TASK REQUIREMENTS: Print the data below exactly, but only the lines from the one containing "arc (1.5, -1.5)" down to the one containing "Masking region 2, detail levels coarse", inclusive.

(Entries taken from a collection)
━━━━━━━━━━

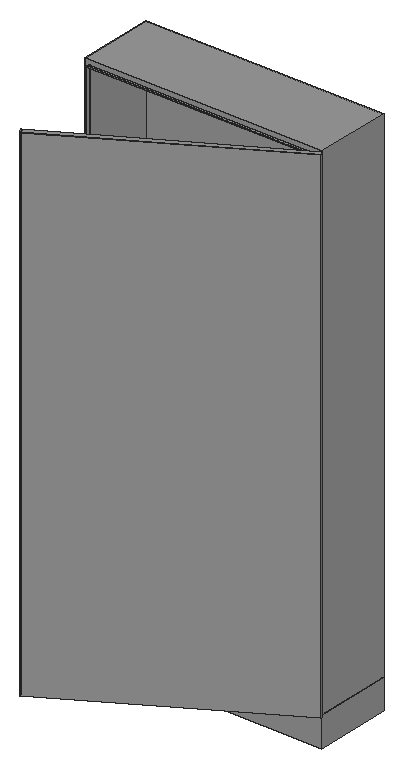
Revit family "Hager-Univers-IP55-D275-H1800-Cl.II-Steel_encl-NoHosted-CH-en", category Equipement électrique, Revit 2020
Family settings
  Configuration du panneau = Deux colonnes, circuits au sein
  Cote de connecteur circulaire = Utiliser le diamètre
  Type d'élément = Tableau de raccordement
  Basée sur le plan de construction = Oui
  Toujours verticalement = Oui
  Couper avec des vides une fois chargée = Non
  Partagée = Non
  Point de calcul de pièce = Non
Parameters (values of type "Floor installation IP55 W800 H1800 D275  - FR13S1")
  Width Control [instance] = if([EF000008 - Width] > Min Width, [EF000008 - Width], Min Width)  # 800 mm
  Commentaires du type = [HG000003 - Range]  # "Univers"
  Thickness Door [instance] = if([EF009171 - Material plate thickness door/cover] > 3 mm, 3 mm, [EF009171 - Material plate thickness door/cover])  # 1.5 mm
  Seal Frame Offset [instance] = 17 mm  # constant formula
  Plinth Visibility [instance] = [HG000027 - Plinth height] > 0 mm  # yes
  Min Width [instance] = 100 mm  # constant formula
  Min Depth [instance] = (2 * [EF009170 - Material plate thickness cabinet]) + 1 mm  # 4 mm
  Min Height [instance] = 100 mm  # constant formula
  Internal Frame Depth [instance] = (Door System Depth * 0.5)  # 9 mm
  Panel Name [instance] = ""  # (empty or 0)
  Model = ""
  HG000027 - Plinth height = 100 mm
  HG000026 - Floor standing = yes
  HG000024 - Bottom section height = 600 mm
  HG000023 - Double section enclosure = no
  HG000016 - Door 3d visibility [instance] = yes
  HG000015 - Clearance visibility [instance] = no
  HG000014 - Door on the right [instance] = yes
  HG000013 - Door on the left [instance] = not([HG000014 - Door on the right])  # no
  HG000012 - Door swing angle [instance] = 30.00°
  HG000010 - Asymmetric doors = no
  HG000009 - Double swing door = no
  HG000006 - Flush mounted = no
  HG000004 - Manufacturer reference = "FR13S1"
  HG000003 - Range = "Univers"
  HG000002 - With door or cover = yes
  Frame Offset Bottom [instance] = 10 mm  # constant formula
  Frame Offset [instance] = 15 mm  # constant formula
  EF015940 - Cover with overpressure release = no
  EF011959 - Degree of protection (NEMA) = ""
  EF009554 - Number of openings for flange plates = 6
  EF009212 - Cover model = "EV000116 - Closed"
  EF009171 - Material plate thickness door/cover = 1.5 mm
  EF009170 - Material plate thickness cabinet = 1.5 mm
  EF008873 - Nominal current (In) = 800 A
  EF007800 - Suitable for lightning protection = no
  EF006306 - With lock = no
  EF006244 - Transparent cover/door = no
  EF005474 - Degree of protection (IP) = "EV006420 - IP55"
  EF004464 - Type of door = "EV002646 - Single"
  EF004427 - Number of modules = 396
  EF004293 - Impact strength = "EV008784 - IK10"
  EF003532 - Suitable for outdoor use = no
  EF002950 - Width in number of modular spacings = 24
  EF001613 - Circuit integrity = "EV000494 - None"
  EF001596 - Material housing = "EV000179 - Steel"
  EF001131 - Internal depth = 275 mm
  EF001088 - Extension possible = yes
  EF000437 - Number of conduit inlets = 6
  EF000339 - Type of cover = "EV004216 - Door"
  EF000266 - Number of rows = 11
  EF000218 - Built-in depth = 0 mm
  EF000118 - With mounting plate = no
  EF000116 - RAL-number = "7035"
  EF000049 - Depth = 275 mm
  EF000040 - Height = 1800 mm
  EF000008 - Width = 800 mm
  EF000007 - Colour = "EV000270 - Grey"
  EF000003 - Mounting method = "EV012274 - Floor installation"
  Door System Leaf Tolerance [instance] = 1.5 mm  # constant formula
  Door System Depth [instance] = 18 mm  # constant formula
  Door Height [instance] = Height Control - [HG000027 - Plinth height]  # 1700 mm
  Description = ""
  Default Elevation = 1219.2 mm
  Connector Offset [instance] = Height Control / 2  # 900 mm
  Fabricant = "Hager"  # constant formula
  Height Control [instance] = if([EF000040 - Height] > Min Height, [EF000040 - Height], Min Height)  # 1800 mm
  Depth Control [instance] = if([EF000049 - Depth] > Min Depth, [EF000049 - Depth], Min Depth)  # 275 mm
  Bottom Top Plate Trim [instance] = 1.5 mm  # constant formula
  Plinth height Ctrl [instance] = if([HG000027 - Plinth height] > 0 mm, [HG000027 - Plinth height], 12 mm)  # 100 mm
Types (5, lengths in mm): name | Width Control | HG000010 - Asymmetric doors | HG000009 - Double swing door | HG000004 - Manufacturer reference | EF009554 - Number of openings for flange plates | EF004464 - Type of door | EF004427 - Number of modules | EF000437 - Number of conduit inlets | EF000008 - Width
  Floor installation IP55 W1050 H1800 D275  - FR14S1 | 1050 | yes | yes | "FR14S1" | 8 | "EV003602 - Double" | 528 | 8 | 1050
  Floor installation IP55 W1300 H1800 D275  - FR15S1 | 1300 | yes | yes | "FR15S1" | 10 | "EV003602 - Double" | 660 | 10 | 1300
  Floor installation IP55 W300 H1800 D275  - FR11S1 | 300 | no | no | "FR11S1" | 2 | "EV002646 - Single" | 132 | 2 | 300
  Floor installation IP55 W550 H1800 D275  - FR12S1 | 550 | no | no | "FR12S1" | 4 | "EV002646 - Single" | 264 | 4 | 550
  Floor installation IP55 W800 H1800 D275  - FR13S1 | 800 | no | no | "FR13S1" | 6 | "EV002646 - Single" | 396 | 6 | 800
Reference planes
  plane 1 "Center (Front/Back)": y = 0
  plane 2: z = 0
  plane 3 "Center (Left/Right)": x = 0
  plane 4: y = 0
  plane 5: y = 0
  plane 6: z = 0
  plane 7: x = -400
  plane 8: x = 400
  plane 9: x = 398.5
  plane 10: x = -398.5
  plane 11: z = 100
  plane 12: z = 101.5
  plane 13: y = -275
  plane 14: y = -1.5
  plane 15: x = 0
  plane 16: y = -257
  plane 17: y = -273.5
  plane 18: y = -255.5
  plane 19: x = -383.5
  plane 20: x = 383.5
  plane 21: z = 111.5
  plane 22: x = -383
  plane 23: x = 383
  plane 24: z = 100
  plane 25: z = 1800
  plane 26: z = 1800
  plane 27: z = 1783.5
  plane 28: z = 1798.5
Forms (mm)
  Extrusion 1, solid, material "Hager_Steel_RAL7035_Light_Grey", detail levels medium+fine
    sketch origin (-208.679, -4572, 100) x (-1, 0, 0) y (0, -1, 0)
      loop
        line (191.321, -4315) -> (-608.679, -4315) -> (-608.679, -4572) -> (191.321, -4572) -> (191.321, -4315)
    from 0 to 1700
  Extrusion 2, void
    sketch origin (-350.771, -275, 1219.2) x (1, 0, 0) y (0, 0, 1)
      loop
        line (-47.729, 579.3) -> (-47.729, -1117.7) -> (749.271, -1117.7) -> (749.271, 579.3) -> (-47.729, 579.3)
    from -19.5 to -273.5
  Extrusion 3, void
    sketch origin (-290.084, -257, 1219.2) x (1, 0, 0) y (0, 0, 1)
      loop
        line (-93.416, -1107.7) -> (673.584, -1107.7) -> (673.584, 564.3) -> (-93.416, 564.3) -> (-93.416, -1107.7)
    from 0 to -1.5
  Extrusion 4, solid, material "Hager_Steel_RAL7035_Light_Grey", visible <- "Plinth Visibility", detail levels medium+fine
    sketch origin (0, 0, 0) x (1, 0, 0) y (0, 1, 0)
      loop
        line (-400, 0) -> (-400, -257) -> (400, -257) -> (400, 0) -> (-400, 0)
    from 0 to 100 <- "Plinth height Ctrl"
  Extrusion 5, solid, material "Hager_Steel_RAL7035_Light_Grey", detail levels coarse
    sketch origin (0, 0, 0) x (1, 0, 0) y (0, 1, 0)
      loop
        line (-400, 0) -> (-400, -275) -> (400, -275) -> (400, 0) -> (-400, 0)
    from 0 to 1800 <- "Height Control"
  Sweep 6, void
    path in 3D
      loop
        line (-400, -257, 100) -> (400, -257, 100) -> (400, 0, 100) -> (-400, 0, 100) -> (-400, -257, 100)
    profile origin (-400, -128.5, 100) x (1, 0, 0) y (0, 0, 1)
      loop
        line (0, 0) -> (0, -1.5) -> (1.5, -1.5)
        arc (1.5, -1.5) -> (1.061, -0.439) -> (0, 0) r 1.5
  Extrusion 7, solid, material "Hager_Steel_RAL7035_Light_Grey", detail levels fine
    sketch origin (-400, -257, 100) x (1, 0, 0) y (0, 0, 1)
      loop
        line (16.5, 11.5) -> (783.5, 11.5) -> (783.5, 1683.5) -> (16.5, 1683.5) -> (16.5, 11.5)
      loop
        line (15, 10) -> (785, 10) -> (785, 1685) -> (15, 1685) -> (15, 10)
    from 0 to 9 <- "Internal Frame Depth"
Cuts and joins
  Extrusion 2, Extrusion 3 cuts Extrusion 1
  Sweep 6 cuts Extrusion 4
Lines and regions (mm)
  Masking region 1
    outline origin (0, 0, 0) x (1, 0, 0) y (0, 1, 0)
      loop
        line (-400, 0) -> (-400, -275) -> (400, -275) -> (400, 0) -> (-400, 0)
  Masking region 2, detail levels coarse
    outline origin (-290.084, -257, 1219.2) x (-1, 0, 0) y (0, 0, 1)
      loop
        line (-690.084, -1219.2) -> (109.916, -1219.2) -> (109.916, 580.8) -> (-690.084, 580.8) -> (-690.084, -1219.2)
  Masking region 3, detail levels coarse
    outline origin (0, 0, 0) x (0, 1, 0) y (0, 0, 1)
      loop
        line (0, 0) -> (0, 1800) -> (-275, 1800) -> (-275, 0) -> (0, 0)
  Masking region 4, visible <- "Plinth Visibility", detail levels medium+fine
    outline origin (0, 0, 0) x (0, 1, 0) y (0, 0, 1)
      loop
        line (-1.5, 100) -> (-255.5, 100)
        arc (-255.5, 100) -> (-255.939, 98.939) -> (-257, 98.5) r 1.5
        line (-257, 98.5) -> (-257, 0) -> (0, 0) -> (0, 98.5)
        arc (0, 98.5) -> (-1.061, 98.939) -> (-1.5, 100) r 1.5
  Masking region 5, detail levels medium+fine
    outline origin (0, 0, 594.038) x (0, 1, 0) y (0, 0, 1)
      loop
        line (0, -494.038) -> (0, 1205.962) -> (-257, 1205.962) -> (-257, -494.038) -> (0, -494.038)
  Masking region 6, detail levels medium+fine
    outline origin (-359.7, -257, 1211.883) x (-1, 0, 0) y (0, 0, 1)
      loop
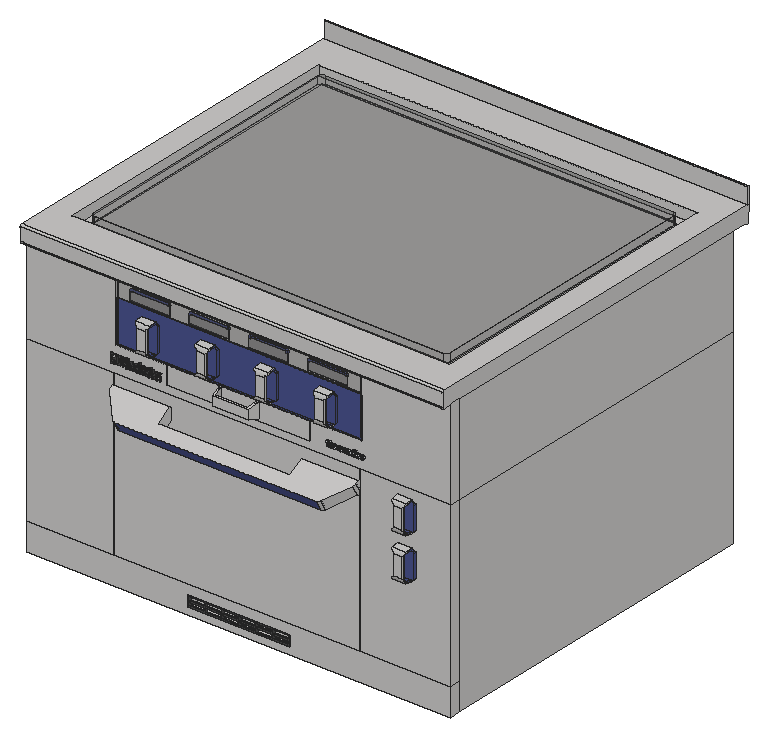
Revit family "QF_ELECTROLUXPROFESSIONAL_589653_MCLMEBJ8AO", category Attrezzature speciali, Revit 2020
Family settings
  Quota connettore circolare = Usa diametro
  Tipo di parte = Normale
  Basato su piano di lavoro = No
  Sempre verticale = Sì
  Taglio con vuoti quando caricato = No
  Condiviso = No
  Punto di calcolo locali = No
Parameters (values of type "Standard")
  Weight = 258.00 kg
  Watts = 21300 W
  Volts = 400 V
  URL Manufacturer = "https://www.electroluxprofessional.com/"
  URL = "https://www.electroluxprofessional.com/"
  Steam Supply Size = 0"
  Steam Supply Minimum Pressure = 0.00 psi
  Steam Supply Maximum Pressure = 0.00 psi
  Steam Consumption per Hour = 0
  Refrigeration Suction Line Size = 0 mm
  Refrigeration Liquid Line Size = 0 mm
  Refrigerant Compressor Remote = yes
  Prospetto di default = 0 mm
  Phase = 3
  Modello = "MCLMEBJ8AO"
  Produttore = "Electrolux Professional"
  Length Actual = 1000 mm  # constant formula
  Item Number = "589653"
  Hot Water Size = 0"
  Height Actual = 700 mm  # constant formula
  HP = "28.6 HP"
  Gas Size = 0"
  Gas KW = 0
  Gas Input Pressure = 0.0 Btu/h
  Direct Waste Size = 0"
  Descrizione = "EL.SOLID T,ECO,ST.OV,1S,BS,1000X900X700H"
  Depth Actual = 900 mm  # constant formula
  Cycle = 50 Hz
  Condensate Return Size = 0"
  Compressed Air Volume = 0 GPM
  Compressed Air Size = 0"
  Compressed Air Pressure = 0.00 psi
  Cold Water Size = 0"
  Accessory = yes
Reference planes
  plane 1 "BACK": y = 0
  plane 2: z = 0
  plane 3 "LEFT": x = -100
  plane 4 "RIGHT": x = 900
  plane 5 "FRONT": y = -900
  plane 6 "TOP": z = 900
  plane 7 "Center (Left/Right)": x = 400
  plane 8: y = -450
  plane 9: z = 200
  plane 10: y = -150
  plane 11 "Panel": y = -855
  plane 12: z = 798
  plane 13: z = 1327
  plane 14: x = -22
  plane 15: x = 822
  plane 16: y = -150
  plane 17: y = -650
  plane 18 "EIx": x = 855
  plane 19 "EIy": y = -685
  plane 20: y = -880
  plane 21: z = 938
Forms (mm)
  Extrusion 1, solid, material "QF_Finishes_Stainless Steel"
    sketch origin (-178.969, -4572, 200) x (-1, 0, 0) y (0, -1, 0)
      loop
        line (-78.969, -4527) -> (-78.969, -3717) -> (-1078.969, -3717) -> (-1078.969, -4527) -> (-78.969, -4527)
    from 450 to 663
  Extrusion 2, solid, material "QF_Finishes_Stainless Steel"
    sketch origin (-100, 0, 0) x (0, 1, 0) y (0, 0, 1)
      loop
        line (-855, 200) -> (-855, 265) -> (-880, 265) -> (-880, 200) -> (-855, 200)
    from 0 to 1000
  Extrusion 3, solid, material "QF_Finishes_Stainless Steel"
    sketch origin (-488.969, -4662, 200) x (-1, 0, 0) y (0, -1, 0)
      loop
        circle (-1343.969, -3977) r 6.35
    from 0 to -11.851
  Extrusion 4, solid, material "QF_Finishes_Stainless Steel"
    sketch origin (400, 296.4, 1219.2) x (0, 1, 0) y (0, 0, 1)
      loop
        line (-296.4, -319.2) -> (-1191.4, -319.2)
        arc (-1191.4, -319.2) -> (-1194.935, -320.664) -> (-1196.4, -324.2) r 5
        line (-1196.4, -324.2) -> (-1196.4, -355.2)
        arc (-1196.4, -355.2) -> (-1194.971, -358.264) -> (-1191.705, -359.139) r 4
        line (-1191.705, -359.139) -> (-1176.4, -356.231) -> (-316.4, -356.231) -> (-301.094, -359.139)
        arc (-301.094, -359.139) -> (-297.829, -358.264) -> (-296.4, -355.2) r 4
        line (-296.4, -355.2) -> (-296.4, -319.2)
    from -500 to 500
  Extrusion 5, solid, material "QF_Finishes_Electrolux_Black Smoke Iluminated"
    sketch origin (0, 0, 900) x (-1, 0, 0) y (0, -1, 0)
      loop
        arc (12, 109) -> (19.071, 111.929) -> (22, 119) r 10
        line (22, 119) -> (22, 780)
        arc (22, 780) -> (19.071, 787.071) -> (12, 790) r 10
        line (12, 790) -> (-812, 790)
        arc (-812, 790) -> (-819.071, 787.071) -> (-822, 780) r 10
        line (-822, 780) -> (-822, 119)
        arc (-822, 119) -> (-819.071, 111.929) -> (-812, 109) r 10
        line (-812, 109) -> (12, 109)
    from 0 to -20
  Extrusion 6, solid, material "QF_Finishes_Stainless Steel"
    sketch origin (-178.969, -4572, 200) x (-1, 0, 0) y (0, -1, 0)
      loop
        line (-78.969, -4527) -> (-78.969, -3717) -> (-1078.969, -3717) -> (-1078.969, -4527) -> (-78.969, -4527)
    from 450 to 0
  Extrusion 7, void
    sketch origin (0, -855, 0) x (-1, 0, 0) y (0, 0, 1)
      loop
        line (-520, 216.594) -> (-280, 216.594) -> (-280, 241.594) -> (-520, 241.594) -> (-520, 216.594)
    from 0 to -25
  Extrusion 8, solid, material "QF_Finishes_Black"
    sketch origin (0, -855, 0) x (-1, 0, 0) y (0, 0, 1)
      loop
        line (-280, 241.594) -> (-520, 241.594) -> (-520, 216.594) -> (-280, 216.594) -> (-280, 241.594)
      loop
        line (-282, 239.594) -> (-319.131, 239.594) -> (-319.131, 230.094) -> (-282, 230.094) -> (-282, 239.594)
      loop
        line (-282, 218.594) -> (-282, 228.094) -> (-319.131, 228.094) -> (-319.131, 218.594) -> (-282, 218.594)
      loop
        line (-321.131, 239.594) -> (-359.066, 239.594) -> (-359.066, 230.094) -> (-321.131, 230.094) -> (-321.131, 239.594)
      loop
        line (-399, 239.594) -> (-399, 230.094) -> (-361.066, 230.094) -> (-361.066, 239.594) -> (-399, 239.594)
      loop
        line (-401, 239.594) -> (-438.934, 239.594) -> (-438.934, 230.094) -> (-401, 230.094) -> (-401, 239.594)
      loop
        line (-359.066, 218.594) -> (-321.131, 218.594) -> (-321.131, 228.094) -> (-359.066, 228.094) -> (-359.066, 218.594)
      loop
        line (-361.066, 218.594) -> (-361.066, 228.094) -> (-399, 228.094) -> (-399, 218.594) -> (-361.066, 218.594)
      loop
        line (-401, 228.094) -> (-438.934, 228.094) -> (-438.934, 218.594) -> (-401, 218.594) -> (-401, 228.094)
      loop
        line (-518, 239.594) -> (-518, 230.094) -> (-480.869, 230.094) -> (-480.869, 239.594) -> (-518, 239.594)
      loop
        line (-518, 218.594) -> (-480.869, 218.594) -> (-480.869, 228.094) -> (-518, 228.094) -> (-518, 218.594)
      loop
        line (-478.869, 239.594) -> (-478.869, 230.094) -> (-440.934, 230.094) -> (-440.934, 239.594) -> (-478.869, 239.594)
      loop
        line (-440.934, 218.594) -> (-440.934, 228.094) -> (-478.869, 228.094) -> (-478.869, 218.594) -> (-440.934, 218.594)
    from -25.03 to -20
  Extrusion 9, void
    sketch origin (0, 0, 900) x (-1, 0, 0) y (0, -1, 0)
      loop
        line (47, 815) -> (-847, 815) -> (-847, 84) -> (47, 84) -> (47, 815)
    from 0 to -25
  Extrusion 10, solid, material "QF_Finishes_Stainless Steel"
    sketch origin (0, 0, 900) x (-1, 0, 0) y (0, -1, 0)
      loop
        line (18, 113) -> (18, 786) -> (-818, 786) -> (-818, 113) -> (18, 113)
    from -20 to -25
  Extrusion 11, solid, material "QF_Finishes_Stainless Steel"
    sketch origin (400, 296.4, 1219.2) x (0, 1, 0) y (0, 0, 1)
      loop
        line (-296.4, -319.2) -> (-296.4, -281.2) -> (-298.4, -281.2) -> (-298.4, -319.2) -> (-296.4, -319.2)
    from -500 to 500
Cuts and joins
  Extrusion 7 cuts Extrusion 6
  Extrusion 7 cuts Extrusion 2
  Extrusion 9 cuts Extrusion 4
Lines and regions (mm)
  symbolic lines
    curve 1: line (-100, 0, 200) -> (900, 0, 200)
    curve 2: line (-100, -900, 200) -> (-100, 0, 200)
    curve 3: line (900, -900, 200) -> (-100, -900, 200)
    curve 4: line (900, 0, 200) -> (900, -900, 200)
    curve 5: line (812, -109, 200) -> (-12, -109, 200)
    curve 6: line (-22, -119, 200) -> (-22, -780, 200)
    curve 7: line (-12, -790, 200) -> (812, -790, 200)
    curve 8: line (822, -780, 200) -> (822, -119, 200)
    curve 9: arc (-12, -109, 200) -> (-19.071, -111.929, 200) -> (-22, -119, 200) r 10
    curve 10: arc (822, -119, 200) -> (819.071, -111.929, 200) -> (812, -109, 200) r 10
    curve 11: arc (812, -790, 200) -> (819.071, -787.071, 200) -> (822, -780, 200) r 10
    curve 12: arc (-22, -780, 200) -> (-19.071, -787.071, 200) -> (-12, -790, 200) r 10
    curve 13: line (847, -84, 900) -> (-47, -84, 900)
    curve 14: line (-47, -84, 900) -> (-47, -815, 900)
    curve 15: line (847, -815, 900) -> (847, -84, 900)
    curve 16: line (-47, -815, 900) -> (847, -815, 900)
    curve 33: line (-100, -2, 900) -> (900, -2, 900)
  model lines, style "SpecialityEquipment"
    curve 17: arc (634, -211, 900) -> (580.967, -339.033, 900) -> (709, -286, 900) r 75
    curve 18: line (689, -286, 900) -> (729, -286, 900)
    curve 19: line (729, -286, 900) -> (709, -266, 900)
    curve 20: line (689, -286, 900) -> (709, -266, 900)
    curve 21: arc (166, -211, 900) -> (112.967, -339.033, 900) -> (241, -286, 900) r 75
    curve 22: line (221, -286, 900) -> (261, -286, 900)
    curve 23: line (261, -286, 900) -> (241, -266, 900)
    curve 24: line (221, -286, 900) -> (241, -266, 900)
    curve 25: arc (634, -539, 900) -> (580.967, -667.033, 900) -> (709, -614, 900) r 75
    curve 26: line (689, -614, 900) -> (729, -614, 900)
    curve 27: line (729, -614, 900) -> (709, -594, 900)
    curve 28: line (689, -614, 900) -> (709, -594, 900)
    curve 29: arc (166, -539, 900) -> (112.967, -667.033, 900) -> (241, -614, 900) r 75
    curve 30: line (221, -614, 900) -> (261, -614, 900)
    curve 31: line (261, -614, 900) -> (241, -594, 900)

━━━━━━━━━━

RESULT OF THIS TASK:
        arc (1.5, -1.5) -> (1.061, -0.439) -> (0, 0) r 1.5
  Extrusion 7, solid, material "Hager_Steel_RAL7035_Light_Grey", detail levels fine
    sketch origin (-400, -257, 100) x (1, 0, 0) y (0, 0, 1)
      loop
        line (16.5, 11.5) -> (783.5, 11.5) -> (783.5, 1683.5) -> (16.5, 1683.5) -> (16.5, 11.5)
      loop
        line (15, 10) -> (785, 10) -> (785, 1685) -> (15, 1685) -> (15, 10)
    from 0 to 9 <- "Internal Frame Depth"
Cuts and joins
  Extrusion 2, Extrusion 3 cuts Extrusion 1
  Sweep 6 cuts Extrusion 4
Lines and regions (mm)
  Masking region 1
    outline origin (0, 0, 0) x (1, 0, 0) y (0, 1, 0)
      loop
        line (-400, 0) -> (-400, -275) -> (400, -275) -> (400, 0) -> (-400, 0)
  Masking region 2, detail levels coarse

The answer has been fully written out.